Perhaps I overrate the importance of this, but it seems altogether orthogonal to what's going on here. Any thoughts on this? (Is this part of what you had in mind when you describe liberalism as a remedial development?)

Eric Schliesser

1) Yes, they are clearly separable. The argument is that they come together in a particular way due to a certain historical-institutional-cultural development. That it does so is contingent, but once set in motion overdetermined. The implied insight is supposed to be that it is not a coincidence that the story of liberalism starts with (or as a reaction to) Hobbes.

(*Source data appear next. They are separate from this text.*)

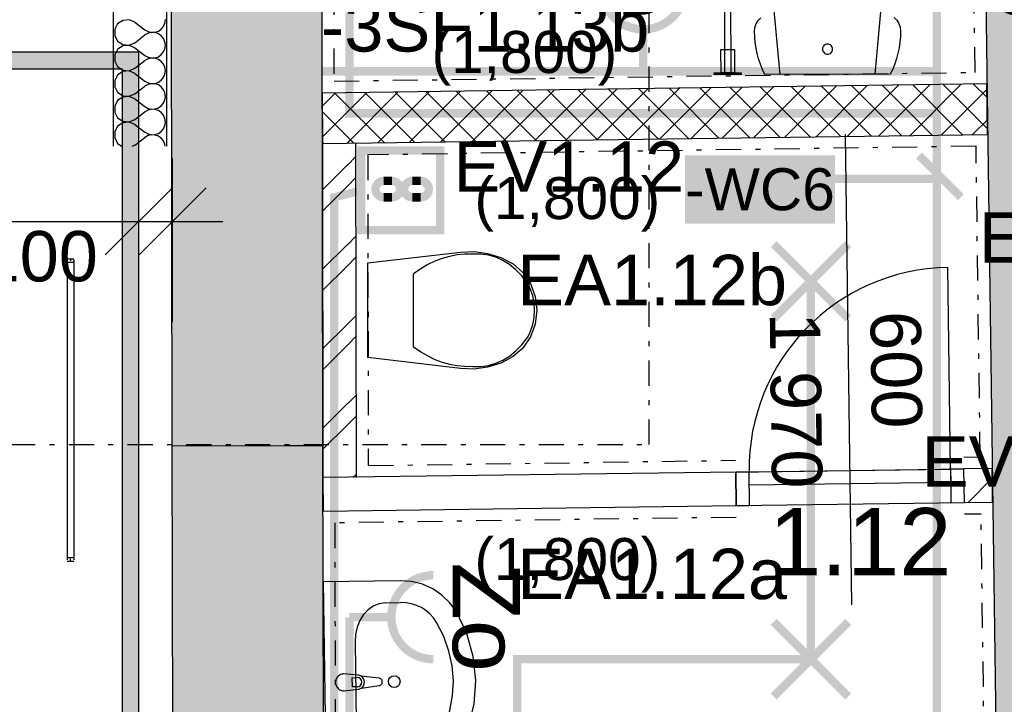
# Model space of a CAD drawing. Extents: x -12025 to 39812, y -28775 to 12.
# Tile 32 of 90: x 20893 to 23826, y -11884 to -9846. Entities that reach past the tile are written whole.
import ezdxf
from ezdxf.enums import TextEntityAlignment as Align

# ---------------------------------------------------------------- set-up
doc = ezdxf.new("R2010")
doc.units = 0
doc.header["$MEASUREMENT"] = 0
doc.linetypes.add('Čerchovaná S', pattern=[175, 75, -42.5, 15, -42.5])
for name, color, linetype in [('0 (Pozadí)', 254, 'Continuous'), ('OÚ Dukovany půdorys kóty 1NP', 7, 'Continuous'), ('OÚ Dukovany půdorys podklad 1NP', 7, 'Continuous'), ('OÚ Dukovany světla', 132, 'Continuous'), ('OÚ Dukovany VZDUCHOTECHNIKA', 7, 'Continuous'), ('OÚ Dukovany zásuvky', 92, 'Continuous'), ('Zakladni', 7, 'Continuous')]:
    doc.layers.add(name, color=color, linetype=linetype)
doc.styles.add('Arial', font='txt')
doc.styles.add('Arial_B', font='txt')

# ---------------------------------------------------------------- blocks, each defined once
blk = doc.blocks.new('P_zarovkove_svitidlo (3)')
at = {"color": 0, "linetype": 'Continuous', "const_width": 25}
for points in [[(111, -111), (-111, 111)], [(-111, -111), (111, 111)]]:
    blk.add_lwpolyline(points, dxfattribs=at)
at = {"color": 0, "linetype": 'Continuous', "style": 'Arial'}
blk.add_text('EA1.12a', height=150, dxfattribs=at).set_placement((-875, 178.9))
blk = doc.blocks.new('P_zarovkove_svitidlo (4)')
at = {"color": 0, "linetype": 'Continuous', "const_width": 25}
for points in [[(111, -111), (-111, 111)], [(-111, -111), (111, 111)]]:
    blk.add_lwpolyline(points, dxfattribs=at)
at = {"color": 0, "linetype": 'Continuous', "style": 'Arial'}
blk.add_text('EA1.12b', height=150, dxfattribs=at).set_placement((-875, -71.1))
blk = doc.blocks.new('P_zarovkove_svitidlo (19)')
at = {"color": 0, "linetype": 'Continuous', "const_width": 25}
for points in [[(111, -111), (-111, 111)], [(-111, -111), (111, 111)]]:
    blk.add_lwpolyline(points, dxfattribs=at)
at = {"color": 0, "linetype": 'Continuous', "style": 'Arial'}
blk.add_text('EA1.11', height=150, dxfattribs=at).set_placement((-625, -319.6))
blk = doc.blocks.new('Zásuvka (33)')
at = {"color": 0, "linetype": 'Continuous', "const_width": 25}
for points in [[(-125, 0, -0.414214), (0, 125)], [(0, -125, -0.414214), (-125, 0)]]:
    blk.add_lwpolyline(points, format="xyb", dxfattribs=at)
blk.add_lwpolyline([(-250, 0), (-125, 0)], dxfattribs=at)
at = {"color": 0, "linetype": 'Continuous', "style": 'Arial'}
blk.add_text('Zo', height=200, rotation=270, dxfattribs=at).set_placement((58.1, 0), align=Align.CENTER)
blk = doc.blocks.new('Zásuvka (35)')
at = {"color": 0, "linetype": 'Continuous', "const_width": 25}
for points in [[(-125, 0, -0.414214), (0, 125)], [(0, -125, -0.414214), (-125, 0)]]:
    blk.add_lwpolyline(points, format="xyb", dxfattribs=at)
blk.add_lwpolyline([(-250, 0), (-125, 0)], dxfattribs=at)
at = {"color": 0, "linetype": 'Continuous', "style": 'Arial'}
blk.add_text('OHŘÍVAČ 6kW', height=150, dxfattribs=at).set_placement((375, -331.4), align=Align.CENTER)
blk = doc.blocks.new('Zásuvka (28)')
at = {"color": 0, "linetype": 'Continuous', "const_width": 25}
for points in [[(0, -125, -0.414214), (-125, 0)], [(125, 0, -0.414214), (0, -125)]]:
    blk.add_lwpolyline(points, format="xyb", dxfattribs=at)
blk.add_lwpolyline([(0, -250), (0, -125)], dxfattribs=at)
at = {"color": 0, "linetype": 'Continuous', "style": 'Arial'}
blk.add_text('D', height=150, dxfattribs=at).set_placement((0, -81.4), align=Align.CENTER)
blk = doc.blocks.new('(23)')
at = {"color": 7, "linetype": 'Continuous', "const_width": 25}
for points in [[(520, 0), (395, 125)], [(460, 55), (0, 55)]]:
    blk.add_lwpolyline(points, dxfattribs=at)
at = {"layer": '0 (Pozadí)', "linetype": 'Continuous'}
blk.add_solid([(-302, 125), (145, 125), (-302, -78.5), (145, -78.5)], dxfattribs=at)
at = {"color": 7, "linetype": 'Continuous', "style": 'Arial_B'}
blk.add_text('-WC6', height=125, dxfattribs=at).set_placement((-302, -38.5))
blk = doc.blocks.new('Ventilátor')
at = {"color": 0, "linetype": 'Continuous', "const_width": 25}
blk.add_lwpolyline([(-180840, 75764), (-180604.3, 75764), (-180604.3, 75527.1), (-180840, 75527.1)], close=True, dxfattribs=at)
for points in [[(-180797.2, 75649.3, -0.414214), (-180772.7, 75673.8)], [(-180748.3, 75673.8, -0.414214), (-180723.8, 75649.3)], [(-180711.6, 75649.3, -0.414214), (-180687.2, 75673.8)], [(-180662.7, 75673.8, -0.414214), (-180638.3, 75649.3)], [(-180772.7, 75624.9, -0.414214), (-180797.2, 75649.3)], [(-180723.8, 75649.3, -0.414214), (-180748.3, 75624.9)], [(-180687.2, 75624.9, -0.414214), (-180711.6, 75649.3)], [(-180638.3, 75649.3, -0.414214), (-180662.7, 75624.9)]]:
    blk.add_lwpolyline(points, format="xyb", dxfattribs=at)
for points in [[(-180772.7, 75673.8), (-180748.3, 75673.8)], [(-180687.2, 75673.8), (-180662.7, 75673.8)], [(-180772.7, 75624.9), (-180748.3, 75624.9)], [(-180687.2, 75624.9), (-180662.7, 75624.9)]]:
    blk.add_lwpolyline(points, dxfattribs=at)
at = {"color": 0, "linetype": 'Continuous', "style": 'Arial'}
blk.add_text('EV1.12', height=150, dxfattribs=at).set_placement((-180565, 75641.4))
blk = doc.blocks.new('Jednopólový vypínač (28)')
at = {"color": 0, "linetype": 'Continuous', "const_width": 25}
for points in [[(0, 90.6, 0.414214), (-90.6, 0)], [(90.6, 0, 0.414214), (0, 90.6)], [(-90.6, 0, 0.414214), (0, -90.6)], [(0, -90.6, 0.414214), (90.6, 0)]]:
    blk.add_lwpolyline(points, format="xyb", dxfattribs=at)
for points in [[(284.9, -142.4), (77.7, -38.8)], [(284.9, -142.4), (259, -194.2)]]:
    blk.add_lwpolyline(points, dxfattribs=at)
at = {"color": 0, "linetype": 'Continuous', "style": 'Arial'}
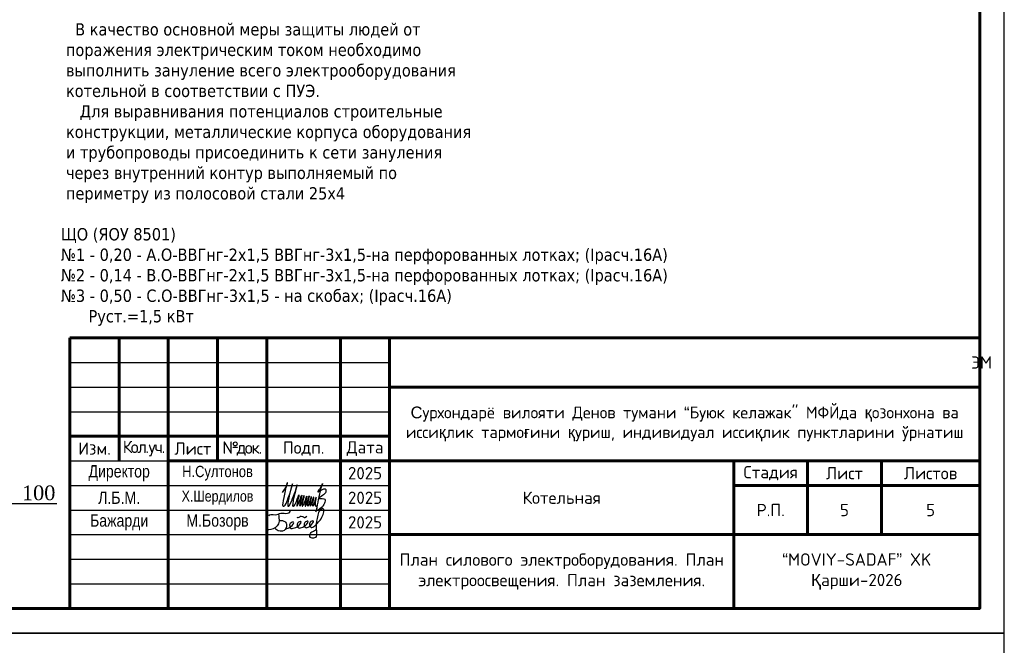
# Model space of a CAD drawing. Header units: millimetres. Extents: x -117056 to -75056, y -507736 to -299836.
# Tile 10 of 18: x -95079 to -75056, y -448586 to -435866. Entities that reach past the tile are written whole.
import ezdxf

# ---------------------------------------------------------------- set-up
doc = ezdxf.new("R2010")
doc.units = ezdxf.units.MM
doc.layers.get('Defpoints').update_dxf_attribs({"lineweight": 18})
doc.layers.add('PDF43_Text', color=7, linetype='Continuous')
doc.styles.add('Arial', font='ARIALN.TTF', dxfattribs={"height": 300})
doc.styles.add('PDF Tahoma', font='tahoma.ttf')
doc.styles.get("Standard").update_dxf_attribs({"font": 'isocpeur.ttf'})
doc.styles.add('WMF-Times New Roman0', font='times.ttf')
doc.dimstyles.new('М 1-100', dxfattribs={"dimscale": 100, "dimtxt": 2.5, "dimasz": 1.5, "dimexe": 1, "dimexo": 2, "dimgap": 0.7, "dimtad": 1, "dimdec": 0, "dimdsep": 46, "dimtxsty": 'WMF-Times New Roman0', "dimblk": 'ARCHTICK', "dimcen": 3, "dimdle": 0.25, "dimclrd": 256, "dimclre": 256, "dimclrt": 256, "dimazin": 2, "dimtfac": 1, "dimtdec": 0, "dimtmove": 1, "dimatfit": 3, "dimldrblk": 'DOT', "dimfxl": 1, "dimtolj": 1, "dimtzin": 0, "dimlwd": -1, "dimlwe": -1, "dimarcsym": 0})

# ---------------------------------------------------------------- blocks, each defined once
blk = doc.blocks.new('*T19')
at = {"color": 0, "linetype": 'ByBlock', "lineweight": 60, "transparency": 16777216}
for p, q in [((0, 0), (18500, 0)), ((0, 0), (0, -5500)), ((1000, 0), (1000, -2500)), ((2000, 0), (2000, -2500)), ((3000, 0), (3000, -2500)), ((4000, 0), (4000, -2500)), ((5500, 0), (5500, -5500)), ((6500, 0), (6500, -5500)), ((0, -2000), (6500, -2000)), ((2000, -2500), (6500, -2500)), ((13500, -4000), (13500, -5500)), ((0, -5500), (6500, -5500))]:
    blk.add_line(p, q, dxfattribs=at)
at = {"color": 0, "linetype": 'Continuous', "lineweight": 60, "transparency": 16777216}
for p, q in [((18500, 0), (18500, -2500)), ((6500, -1000), (18500, -1000)), ((2000, -2500), (2000, -5500)), ((4000, -2500), (4000, -5500)), ((6500, -2500), (18500, -2500)), ((6500, -4000), (13500, -4000)), ((18500, -4000), (18500, -5500)), ((6500, -5500), (18500, -5500))]:
    blk.add_line(p, q, dxfattribs=at)
at = {"color": 0, "linetype": 'ByBlock', "transparency": 16777216}
for p, q in [((0, -500), (6500, -500)), ((0, -1000), (6500, -1000)), ((0, -1500), (6500, -1500)), ((0, -2500), (2000, -2500)), ((0, -3000), (6500, -3000)), ((2000, -3500), (6500, -3500)), ((0, -4000), (6500, -4000)), ((0, -4500), (6500, -4500)), ((0, -5000), (6500, -5000))]:
    blk.add_line(p, q, dxfattribs=at)
at = {"color": 0, "lineweight": 60, "transparency": 16777216}
for p, q in [((13500, -2500), (13500, -3000)), ((15000, -2500), (15000, -4000)), ((16500, -2500), (16500, -4000)), ((18500, -2500), (18500, -4000)), ((13500, -3000), (18500, -3000)), ((13500, -4000), (18500, -4000))]:
    blk.add_line(p, q, dxfattribs=at)
at = {"color": 0, "linetype": 'ByBlock', "lineweight": -2, "transparency": 16777216}
for p, q in [((13500, -3000), (13500, -4000)), ((0, -3500), (2000, -3500))]:
    blk.add_line(p, q, dxfattribs=at)
at = {"color": 0, "linetype": 'Continuous', "transparency": 16777216, "char_height": 250}
for s, insert, width, attachment_point in [('{\\C256;                                                                          ЭМ       \\H0.625x;                  \\H1.4x; \\H1.14286x;                                                     }', (6550, -500), 11900, 4), ('Изм.', (500, -2250), 900, 5), ('{\\T0.85;Кол.уч.}', (1500, -2250), 900, 5), ('Лист', (2500, -2250), 900, 5), ('{\\T0.85;№док.}', (3500, -2250), 900, 5), ('Подп.', (4750, -2250), 1400, 5), ('Дата', (6000, -2250), 900, 5), ('2025', (6000, -2750), 900, 5), ('Стадия', (14250, -2750), 1400, 5), ('Лист', (15750, -2750), 1400, 5), ('Листов', (17500, -2750), 1900, 5), ('2025', (6000, -3250), 900, 5), ('Котельная ', (10000, -3250), 6900, 5), ('Р.П.', (14250, -3500), 1400, 5), ('5', (15750, -3500), 1400, 5), ('5', (17500, -3500), 1900, 5), ('2025', (6000, -3750), 900, 5), ('План силового электроборудования. План электроосвещения. План заземления.', (10000, -4750), 6900, 5)]:
    blk.add_mtext(s, dxfattribs=dict(at, insert=insert, width=width, attachment_point=attachment_point))
at = {"color": 0, "linetype": 'Continuous', "transparency": 16777216, "attachment_point": 5, "style": 'Arial'}
for s, insert, char_height, width in [('{\\fArial|b0|i0|c204|p34;\\C256;С\\fISOCPEUR|b0|i0|c204|p34;урхондарё вилояти Денов тумани “Буюк келажак" МФЙда \\fArial|b0|i0|c204|p34;қ\\fISOCPEUR|b0|i0|c204|p34;озонхона ва исси\\fArial|b0|i0|c204|p34;қ\\fISOCPEUR|b0|i0|c204|p34;лик тармо\\fArial|b0|i0|c204|p34;ғ\\fISOCPEUR|b0|i0|c204|p34;ини \\fArial|b0|i0|c204|p34;қ\\fISOCPEUR|b0|i0|c204|p34;уриш, индивидуал исси\\fArial|b0|i0|c204|p34;қ\\fISOCPEUR|b0|i0|c204|p34;лик пунктларини ўрнатиш}', (12500, -1750), 240, 11900), ('Директор', (1000, -2750), 250, 1900), ('{\\C256;Н.Султонов}', (3000, -2750), 230, 1900), ('Л.Б.М.', (1000, -3250), 250, 1900), ('{\\C256;Х.Шердилов}', (3000, -3250), 220, 1900), ('Бажарди', (1000, -3750), 250, 1900), ('М.Бозорв', (3000, -3750), 250, 1900), ('{\\fISOCPEUR|b0|i0|c204|p34;\\C256;“MOVIY-SADAF” XK\\P\\fArial|b0|i0|c204|p34;Қ\\fISOCPEUR|b0|i0|c204|p34;арши-2026}', (16000, -4750), 250, 4900)]:
    blk.add_mtext(s, dxfattribs=dict(at, insert=insert, char_height=char_height, width=width))
blk = doc.blocks.new('A$C4944575C')
at = {"color": 5, "lineweight": 30}
blk.add_open_spline([(-115219, -47375), (-115101, -47187), (-115134, -47173), (-115136, -47210), (-115162, -47302), (-115236, -47654), (-115198, -47658), (-115148, -47639), (-115006, -47196), (-115031, -47204), (-115138, -47656), (-115103, -47656), (-115068, -47647), (-114909, -47222), (-114934, -47223), (-115033, -47649), (-115007, -47658), (-114964, -47645), (-114875, -47375), (-114896, -47476), (-114944, -47663), (-114913, -47664), (-114814, -47367), (-114843, -47493), (-114885, -47664), (-114855, -47664), (-114768, -47378), (-114798, -47504), (-114837, -47664), (-114800, -47664), (-114711, -47391), (-114743, -47512), (-114774, -47664), (-114744, -47662), (-114670, -47394), (-114688, -47502), (-114726, -47662), (-114691, -47662), (-114655, -47528), (-114621, -47399), (-114678, -47663), (-114639, -47662), (-114577, -47406), (-114597, -47526), (-114621, -47661), (-114583, -47661), (-114526, -47413), (-114553, -47536), (-114566, -47647), (-114534, -47658), (-114515, -47641), (-114549, -47804), (-114540, -47773), (-114408, -47146), (-114408, -47219), (-114457, -47295), (-114542, -47397), (-114411, -47310), (-114342, -47283), (-114332, -47389), (-114435, -47459), (-114533, -47509), (-114358, -47493), (-114338, -47544), (-114420, -47707), (-114536, -47751)], degree=3, knots=[0, 0, 0, 0, 1, 2, 3, 4, 5, 6, 7, 7.047701, 8, 9, 10, 11, 11.055697, 12, 13, 14, 15, 16, 17, 18, 19, 20, 21, 22, 23, 24, 25, 26, 27, 28, 29, 30, 31, 32, 33, 34, 35, 36, 37, 38, 39, 40, 41, 42, 43, 44, 45, 45.157491, 45.43525, 46, 47, 48, 49, 50, 51, 52, 53, 54, 55, 56, 57, 58, 59, 59, 59, 59], dxfattribs=at)
blk = doc.blocks.new('EGHTRFHTRGHTY')
at = {"color": 5}
for points, knots in [([(963332, -204274), (963332, -204274), (963268, -204215), (963520, -204263), (963639, -204186), (963713, -204200), (963858, -204218), (963900, -204146)], [0, 0, 0, 0, 5.346585, 54.669442, 94.683854, 176.877676, 260.497585, 260.497585, 260.497585, 260.497585]), ([(963571, -204228), (963602, -204382), (963594, -204568), (963374, -204656), (963294, -204660), (963294, -204659)], [0, 0, 0, 0, 207.029261, 410.00601, 426.495005, 426.495005, 426.495005, 426.495005]), ([(964169, -204603), (964215, -204594), (964301, -204577), (964438, -204393), (964243, -204445), (964283, -204611), (964348, -204596), (964363, -204593), (964393, -204580), (964462, -204550), (964588, -204386), (964390, -204440), (964452, -204639), (964537, -204573), (964575, -204543), (964625, -204480), (964757, -204398), (964864, -204030), (964676, -204121), (964636, -204342), (964572, -204544), (964662, -204906), (964415, -204879), (964442, -204748), (964496, -204710), (964496, -204710), (964553, -204679), (964589, -204669), (964600, -204658), (964609, -204641)], [0, 0, 0, 0, 85.131623, 162.525265, 215.11538, 294.778827, 318.772177, 318.772177, 318.772177, 380.967965, 458.361607, 510.951722, 590.61517, 654.964792, 654.964792, 654.964792, 812.270022, 926.89637, 969.780247, 1049.218159, 1248.671075, 1428.293669, 1498.791554, 1575.077446, 1639.071113, 1677.488376, 1701.96955, 1711.591909, 1725.280439, 1725.280439, 1725.280439, 1725.280439]), ([(963590, -204400), (963629, -204394), (963730, -204400), (963802, -204474), (963794, -204573), (963765, -204708), (963538, -204699), (963472, -204603), (963472, -204603), (963472, -204603)], [0, 0, 0, 0, 65.371974, 129.068615, 156.504611, 248.430628, 350.457369, 386.474528, 395.239437, 395.239437, 395.239437, 395.239437]), ([(963774, -204628), (963819, -204619), (963906, -204601), (964042, -204418), (963847, -204470), (963891, -204644), (963960, -204618), (963979, -204611), (964025, -204602), (964111, -204585), (964248, -204402), (964052, -204454), (964094, -204621), (964160, -204605), (964177, -204601)], [0, 0, 0, 0, 85.131623, 162.525265, 215.11538, 294.778827, 325.815943, 325.815943, 325.815943, 410.947566, 488.341208, 540.931323, 620.594771, 646.759448, 646.759448, 646.759448, 646.759448]), ([(964078, -204313), (964092, -204315), (964132, -204321), (964207, -204246), (964293, -204336), (964315, -204306), (964351, -204277)], [0, 0, 0, 0, 40.054444, 120.72824, 230.33494, 255.34098, 255.34098, 255.34098, 255.34098])]:
    blk.add_open_spline(points, degree=3, knots=knots, dxfattribs=at)
blk = doc.blocks.new('_ArchTick')
at = {"color": 0, "linetype": 'ByBlock', "const_width": 0.15}
blk.add_lwpolyline([(-0.5, -0.5), (0.5, 0.5)], dxfattribs=at)
blk = doc.blocks.new('*D119')
at = {"ltscale": 5, "transparency": 16777216}
for p, q in [((-95502, -445056), (-95502, -445810)), ((-95402, -445317), (-95402, -445810)), ((-95502, -445710), (-95652, -445710)), ((-95402, -445710), (-95502, -445710)), ((-95402, -445710), (-95502, -445710)), ((-95402, -445710), (-95252, -445710)), ((-94324, -445710), (-95402, -445710))]:
    blk.add_line(p, q, dxfattribs=at)
at = {"layer": 'Defpoints', "color": 0, "lineweight": 25, "ltscale": 5, "transparency": 16777216}
for p in [(-95502, -444856), (-95402, -445117), (-95502, -445710)]:
    blk.add_point(p, dxfattribs=at)
at = {"ltscale": 5, "transparency": 16777216, "xscale": 150, "yscale": 150, "zscale": 150}
blk.add_blockref('_ArchTick', (-95502, -445710), dxfattribs=at)
at = {"ltscale": 5, "transparency": 16777216, "xscale": 150, "yscale": 150, "zscale": 150, "rotation": 180}
blk.add_blockref('_ArchTick', (-95402, -445710), dxfattribs=at)
at = {"ltscale": 5, "transparency": 16777216, "insert": (-94693, -445488), "char_height": 300, "attachment_point": 5, "style": 'WMF-Times New Roman0'}
blk.add_mtext('\\A1;100', dxfattribs=at)
blk = doc.blocks.new('_Dot')
at = {"color": 0, "linetype": 'ByBlock', "lineweight": -2}
blk.add_line((-0.5, 0), (-1, 0), dxfattribs=at)
at = {"color": 0, "linetype": 'ByBlock', "lineweight": 25, "const_width": 0.5}
blk.add_lwpolyline([(-0.25, 0, 1), (0.25, 0, 1)], format="xyb", close=True, dxfattribs=at)

msp = doc.modelspace()

# ---------------------------------------------------------------- linework, layer by layer
at = {"lineweight": 60}
msp.add_line((-80556.3, -444836.1), (-80556.3, -446336.1), dxfattribs=at)
at = {"linetype": 'ByBlock'}
for points in [[(-117056.3, -448336.1), (-75056.3, -448336.1), (-75056.3, -418636.1), (-117056.3, -418636.1)], [(-117056.3, -478036.1), (-75056.3, -478036.1), (-75056.3, -448336.1), (-117056.3, -448336.1)]]:
    msp.add_lwpolyline(points, close=True, dxfattribs=at)
at = {"linetype": 'ByBlock', "lineweight": 60}
msp.add_lwpolyline([(-115056.3, -447836.1), (-75556.3, -447836.1), (-75556.3, -419136.1), (-115056.3, -419136.1)], close=True, dxfattribs=at)

# ---------------------------------------------------------------- block references
for name, p in [('*T19', (-94056.3, -442336.1)), ('A$C4944575C', (25487.3, -398102.4))]:
    msp.add_blockref(name, p)
at = {"xscale": 0.7421062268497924, "yscale": 0.7421062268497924, "zscale": 0.7421062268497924}
msp.add_blockref('EGHTRFHTRGHTY', (-804891, -294362), dxfattribs=at)

# ---------------------------------------------------------------- texts
at = {"layer": 'PDF43_Text', "insert": (-94138.2, -437764.8), "char_height": 250, "width": 8469.108, "attachment_point": 4, "style": 'PDF Tahoma'}
msp.add_mtext('  В качество основной меры защиты людей от\\Pпоражения электрическим током необходимо выполнить зануление всего электрооборудования котельной в соответствии с ПУЭ.\\P   Для выравнивания потенциалов строительные\\Pконструкции, металлические корпуса оборудования и трубопроводы присоединить к сети зануления через внутренний контур выполняемый по периметру из полосовой стали 25х4', dxfattribs=at)
at = {"layer": 'PDF43_Text', "insert": (-94241.7, -441096.9), "char_height": 250, "attachment_point": 4, "style": 'PDF Tahoma'}
msp.add_mtext('ЩО (ЯОУ 8501)\\P№1 - 0,20 - А.О-ВВГнг-2х1,5 ВВГнг-3х1,5-на перфорованных лотках; (Iрасч.16А)\\P№2 - 0,14 - В.О-ВВГнг-2х1,5 ВВГнг-3х1,5-на перфорованных лотках; (Iрасч.16А)\\P№3 - 0,50 - С.О-ВВГнг-3х1,5 - на скобах; (Iрасч.16А)\\P      Руст.=1,5 кВт', dxfattribs=at)

# ---------------------------------------------------------------- dimensions: what is measured, and where the dimension line sits
at = {"color": 0, "ltscale": 5}
dim = msp.add_linear_dim(base=(-95501.6, -445710.4), p1=(-95401.6, -445116.6), p2=(-95501.6, -444855.8), angle=180, dimstyle='М 1-100', override={"dimtxt": 3}, dxfattribs=at)
dim.commit()
dim.dimension.update_dxf_attribs({"geometry": '*D119', "text_midpoint": (-94692.6, -445710.4), "dimtype": 160})

doc.saveas('drawing.dxf')

2. He has no interest in Magna Carta. I understand his story as a rejection of the significance of common law. If anything he things it goes in the other direction: "This Romano-canonical procedure, which involved judges investigating disputed facts and required recording of evidence in writing, contributed to the emergence of what by the fourteenth century was virtually a new common law for Western Europe: a jus commune which fused
elements of civil, canon and customary law." [Notice the date!]
So, his argument is, kings learned that if they modeled their sovereignty on papal power which functioned through a system of common law, they could eliminate the barons and other intermediary powers. [Interestingly, this also meant accepting they were less sacred than before.]
What I think this story gets right -- (as I noted in my posts on Meiksins Wood last week) it's also in Adam Smith -- is that for common law to get off the ground (and perhaps initially function well), one needs a central power willing to make the system work. [Again conceptually that's not necessary, but if the baseline is feudalism then maybe yes.]

What you have discerned is that one of the implied targets of Siedentop's analysis is a kind of Hayekian story (which is bottom up and soft anti-clerical). But he uses unintended consequence explanations to execute it.